Aim of the task: What is needed is each line of the data below that holds the string "source".

Input:
=====

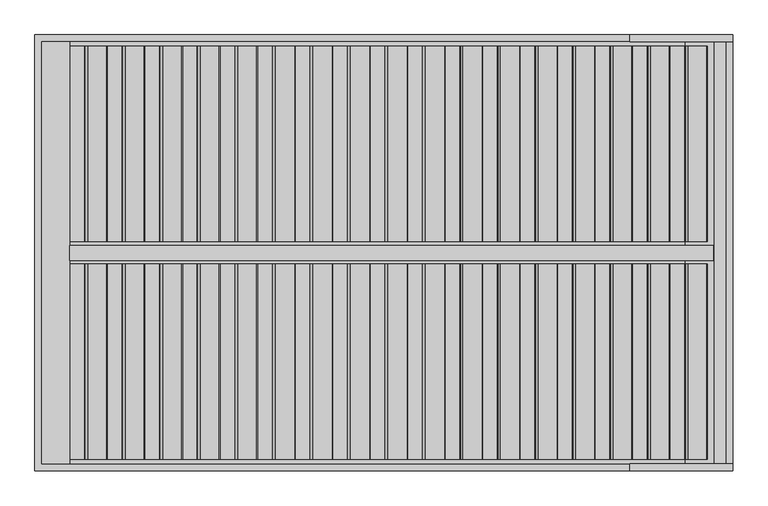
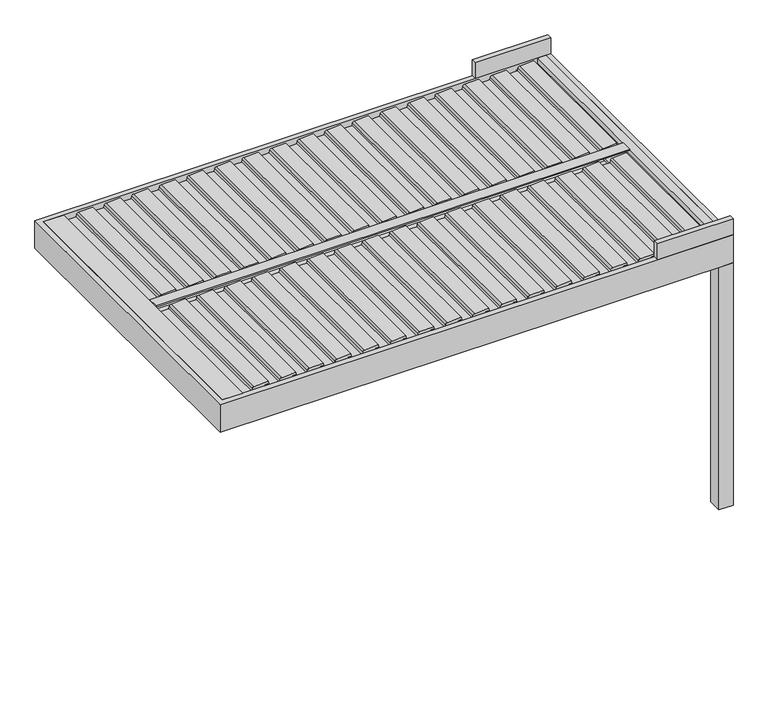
"""IFC4 building model written with IfcOpenShell, lengths in millimetres: proxy geometry, Renson_Algarve_Single Unit With Intermediate Beam : Algarve - Single Unit With Intermediate Beam."""

from ifc_helpers import new_model, si_unit, point, frame, frame_2d, origin, origin_with_axes, place, context, project, spatial, polyline, circle_curve, trimmed, segment, composite_curve, outline, extrude, faceted_brep, source, transform, mapped, element, save


def generic_models_a48c7f24(model_context):
    return source(origin(), model_context, "Body", "SolidModel", [
        extrude(outline(composite_curve([segment(polyline([(2188.35, 1609.6114167), (2216.01198, 1612.0315264), (2217.3970364, 1640.8667769), (2236.8911096, 1637.4294458), (2231.6075693, 1527.4323309)]), True, "CONTINUOUS"), segment(trimmed(circle_curve(frame_2d((2216.6248435, 1528.1520029)), 15.0), [point((2231.6075693, 1527.4323309))], [point((2219.2295662, 1513.3798866))], False, "CARTESIAN"), True, "CONTINUOUS"), segment(polyline([(2219.2295662, 1513.3798866), (2200.0, 1509.9891952), (2200.0, 1422.2534192), (2217.0788237, 1419.2419618), (2216.3450182, 1403.9649913), (2188.35, 1401.5157446), (2188.35, 1609.6114167)]), True, "CONTINUOUS")], self_intersect=False)), frame((0.0, -1810.0, 0.0), z_axis=(0.0, 1.0, 0.0), x_axis=(0.0, 0.0, 1.0)), (0.0, 0.0, 1.0), 1120.0),
        extrude(outline(composite_curve([segment(polyline([(2188.35, 1394.600612), (2216.01198, 1397.0207216), (2217.3970364, 1425.8559721), (2236.8911096, 1422.418641), (2231.6075693, 1312.4215261)]), True, "CONTINUOUS"), segment(trimmed(circle_curve(frame_2d((2216.6248435, 1313.1411981)), 15.0), [point((2231.6075693, 1312.4215261))], [point((2219.2295662, 1298.3690818))], False, "CARTESIAN"), True, "CONTINUOUS"), segment(polyline([(2219.2295662, 1298.3690818), (2200.0, 1294.9783904), (2200.0, 1207.2426144), (2217.0788237, 1204.231157), (2216.3450182, 1188.9541865), (2188.35, 1186.5049398), (2188.35, 1394.600612)]), True, "CONTINUOUS")], self_intersect=False)), frame((0.0, -1810.0, 0.0), z_axis=(0.0, 1.0, 0.0), x_axis=(0.0, 0.0, 1.0)), (0.0, 0.0, 1.0), 1120.0),
        extrude(outline(composite_curve([segment(polyline([(2188.35, 1179.5898072), (2216.01198, 1182.0099168), (2217.3970364, 1210.8451673), (2236.8911096, 1207.4078362), (2231.6075693, 1097.4107214)]), True, "CONTINUOUS"), segment(trimmed(circle_curve(frame_2d((2216.6248435, 1098.1303933)), 15.0), [point((2231.6075693, 1097.4107214))], [point((2219.2295662, 1083.358277))], False, "CARTESIAN"), True, "CONTINUOUS"), segment(polyline([(2219.2295662, 1083.358277), (2200.0, 1079.9675857), (2200.0, 992.2318096), (2217.0788237, 989.2203522), (2216.3450182, 973.9433817), (2188.35, 971.494135), (2188.35, 1179.5898072)]), True, "CONTINUOUS")], self_intersect=False)), frame((0.0, -1810.0, 0.0), z_axis=(0.0, 1.0, 0.0), x_axis=(0.0, 0.0, 1.0)), (0.0, 0.0, 1.0), 1120.0),
        extrude(outline(composite_curve([segment(polyline([(2188.35, 964.5790024), (2216.01198, 966.999112), (2217.3970364, 995.8343625), (2236.8911096, 992.3970314), (2231.6075693, 882.3999166)]), True, "CONTINUOUS"), segment(trimmed(circle_curve(frame_2d((2216.6248435, 883.1195885)), 15.0), [point((2231.6075693, 882.3999166))], [point((2219.2295662, 868.3474722))], False, "CARTESIAN"), True, "CONTINUOUS"), segment(polyline([(2219.2295662, 868.3474722), (2200.0, 864.9567809), (2200.0, 777.2210048), (2217.0788237, 774.2095474), (2216.3450182, 758.932577), (2188.35, 756.4833302), (2188.35, 964.5790024)]), True, "CONTINUOUS")], self_intersect=False)), frame((0.0, -1810.0, 0.0), z_axis=(0.0, 1.0, 0.0), x_axis=(0.0, 0.0, 1.0)), (0.0, 0.0, 1.0), 1120.0),
        extrude(outline(composite_curve([segment(polyline([(2188.35, 749.5681976), (2216.01198, 751.9883073), (2217.3970364, 780.8235577), (2236.8911096, 777.3862267), (2231.6075693, 667.3891118)]), True, "CONTINUOUS"), segment(trimmed(circle_curve(frame_2d((2216.6248435, 668.1087837)), 15.0), [point((2231.6075693, 667.3891118))], [point((2219.2295662, 653.3366674))], False, "CARTESIAN"), True, "CONTINUOUS"), segment(polyline([(2219.2295662, 653.3366674), (2200.0, 649.9459761), (2200.0, 562.2102001), (2217.0788237, 559.1987426), (2216.3450182, 543.9217722), (2188.35, 541.4725254), (2188.35, 749.5681976)]), True, "CONTINUOUS")], self_intersect=False)), frame((0.0, -1810.0, 0.0), z_axis=(0.0, 1.0, 0.0), x_axis=(0.0, 0.0, 1.0)), (0.0, 0.0, 1.0), 1120.0),
        extrude(outline(composite_curve([segment(polyline([(2188.35, 534.5573928), (2216.01198, 536.9775025), (2217.3970364, 565.8127529), (2236.8911096, 562.3754219), (2231.6075693, 452.378307)]), True, "CONTINUOUS"), segment(trimmed(circle_curve(frame_2d((2216.6248435, 453.0979789)), 15.0), [point((2231.6075693, 452.378307))], [point((2219.2295662, 438.3258627))], False, "CARTESIAN"), True, "CONTINUOUS"), segment(polyline([(2219.2295662, 438.3258627), (2200.0, 434.9351713), (2200.0, 347.1993953), (2217.0788237, 344.1879379), (2216.3450182, 328.9109674), (2188.35, 326.4617207), (2188.35, 534.5573928)]), True, "CONTINUOUS")], self_intersect=False)), frame((0.0, -1810.0, 0.0), z_axis=(0.0, 1.0, 0.0), x_axis=(0.0, 0.0, 1.0)), (0.0, 0.0, 1.0), 1120.0),
        extrude(outline(composite_curve([segment(polyline([(2188.35, 319.546588), (2216.01198, 321.9666977), (2217.3970364, 350.8019482), (2236.8911096, 347.3646171), (2231.6075693, 237.3675022)]), True, "CONTINUOUS"), segment(trimmed(circle_curve(frame_2d((2216.6248435, 238.0871742)), 15.0), [point((2231.6075693, 237.3675022))], [point((2219.2295662, 223.3150579))], False, "CARTESIAN"), True, "CONTINUOUS"), segment(polyline([(2219.2295662, 223.3150579), (2200.0, 219.9243665), (2200.0, 132.1885905), (2217.0788237, 129.1771331), (2216.3450182, 113.9001626), (2188.35, 111.4509159), (2188.35, 319.546588)]), True, "CONTINUOUS")], self_intersect=False)), frame((0.0, -1810.0, 0.0), z_axis=(0.0, 1.0, 0.0), x_axis=(0.0, 0.0, 1.0)), (0.0, 0.0, 1.0), 1120.0),
        extrude(outline(composite_curve([segment(polyline([(2188.35, 104.5357833), (2216.01198, 106.9558929), (2217.3970364, 135.7911434), (2236.8911096, 132.3538123), (2231.6075693, 22.3566975)]), True, "CONTINUOUS"), segment(trimmed(circle_curve(frame_2d((2216.6248435, 23.0763694)), 15.0), [point((2231.6075693, 22.3566975))], [point((2219.2295662, 8.3042531))], False, "CARTESIAN"), True, "CONTINUOUS"), segment(polyline([(2219.2295662, 8.3042531), (2200.0, 4.9135617), (2200.0, -82.8222143), (2217.0788237, -85.8336717), (2216.3450182, -101.1106422), (2188.35, -103.5598889), (2188.35, 104.5357833)]), True, "CONTINUOUS")], self_intersect=False)), frame((0.0, -1810.0, 0.0), z_axis=(0.0, 1.0, 0.0), x_axis=(0.0, 0.0, 1.0)), (0.0, 0.0, 1.0), 1120.0),
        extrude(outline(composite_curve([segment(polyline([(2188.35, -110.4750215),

=====

Answer to the exercise:
from ifc_helpers import new_model, si_unit, point, frame, frame_2d, origin, origin_with_axes, place, context, project, spatial, polyline, circle_curve, trimmed, segment, composite_curve, outline, extrude, faceted_brep, source, transform, mapped, element, save
    return source(origin(), model_context, "Body", "SolidModel", [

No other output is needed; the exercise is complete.